** The task **
Identify each line in the records below that contains the word "marker", and copy it.

Collection entries
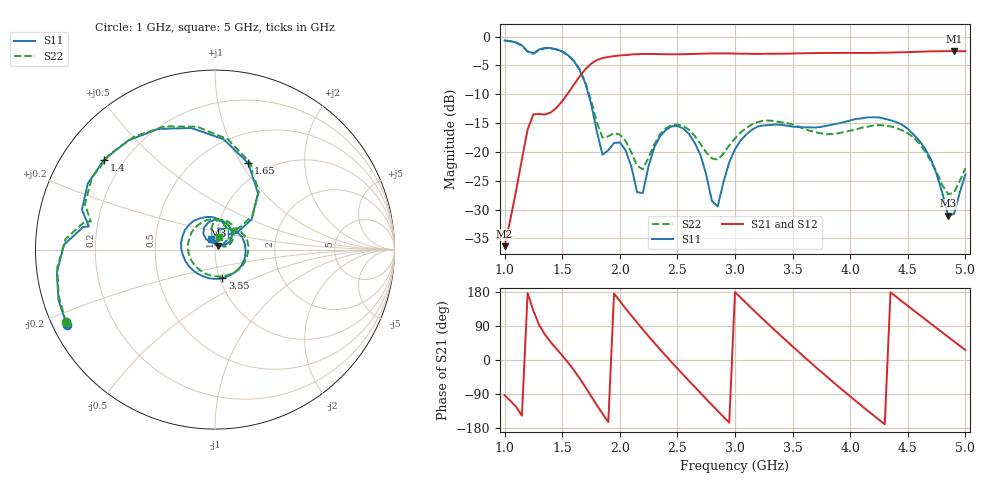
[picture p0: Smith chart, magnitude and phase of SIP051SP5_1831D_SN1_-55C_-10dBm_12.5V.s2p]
# GHz  S  dB  R  50
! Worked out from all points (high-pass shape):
!   81 points, 1 GHz to 5 GHz, reference 50 ohm
!   highest |S21| = -2.51 dB at 4.9 GHz (marker M1); lowest = -36.3 dB at 1 GHz (marker M2)
!   |S21| within 3 dB of the highest: 1.709 GHz to end of sweep
!   lowest |S11| = -31.0 dB at 4.85 GHz (marker M3), VSWR 1.06, Z = 51.8 + j2.2 ohm
!   |S11| at or under -10 dB: 1.728 GHz to end of sweep
!   |S22| runs from -27.3 to -0.7 dB; largest |S21 - S12| = 0.0021
!   S11 on the Smith chart (normalised r, x): 1 GHz: 0.04, -0.24; 1.4 GHz: 0.13, +0.35; 1.65 GHz: 0.82, +1.08; 3.55 GHz: 1.03, -0.34; 5 GHz: 0.95, +0.12
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1  -0.66 -153.0  -36.33 -93.0  -36.23 -93.6  -0.69 -154.1
1.2  -2.55 170.3  -16.09 176.5  -16.08 176.4  -2.60 167.8
1.4  -1.99 140.9  -13.14 47.3  -13.13 47.4  -2.03 138.0
1.65  -5.75 69.0  -6.93 -47.9  -6.93 -47.9  -5.66 67.7
1.7  -8.06 52.7  -5.67 -70.9  -5.67 -70.9  -7.90 52.8
1.85  -20.47 58.7  -3.72 -141.8  -3.72 -141.9  -17.50 56.8
1.95  -18.43 80.5  -3.38 175.6  -3.39 175.5  -16.72 70.0
2.15  -26.97 72.9  -3.04 98.7  -3.05 98.7  -22.39 64.4
2.35  -17.27 116.3  -3.03 27.7  -3.03 27.7  -16.90 94.9
2.5  -15.49 77.3  -3.06 -22.3  -3.06 -22.3  -15.25 66.0
2.7  -20.51 28.4  -2.96 -86.9  -2.95 -86.9  -18.58 37.3
2.85  -29.42 76.3  -2.92 -134.4  -2.92 -134.4  -21.33 54.0
3  -19.53 78.8  -2.94 179.3  -2.93 179.4  -17.62 57.8
3.3  -15.32 -3.6  -2.97 91.5  -2.98 91.5  -14.55 5.4
3.55  -15.67 -75.6  -2.90 22.1  -2.90 22.1  -15.59 -52.7
3.7  -15.76 -114.0  -2.85 -18.4  -2.85 -18.3  -16.60 -94.9
4  -14.54 179.1  -2.82 -96.0  -2.83 -96.1  -16.29 171.6
4.35  -14.51 105.4  -2.76 178.5  -2.78 178.4  -15.57 81.3
4.6  -18.03 54.5  -2.62 119.4  -2.62 119.4  -18.51 31.4
4.85  -31.04 49.3  -2.51 60.9  -2.52 60.9  -27.32 34.5
4.9  -30.77 87.0  -2.51 49.4  -2.51 49.3  -27.07 54.7
5  -23.89 108.9  -2.53 26.2  -2.54 26.2  -22.82 69.8

** Answer to this exercise **
!   highest |S21| = -2.51 dB at 4.9 GHz (marker M1); lowest = -36.3 dB at 1 GHz (marker M2)
!   lowest |S11| = -31.0 dB at 4.85 GHz (marker M3), VSWR 1.06, Z = 51.8 + j2.2 ohm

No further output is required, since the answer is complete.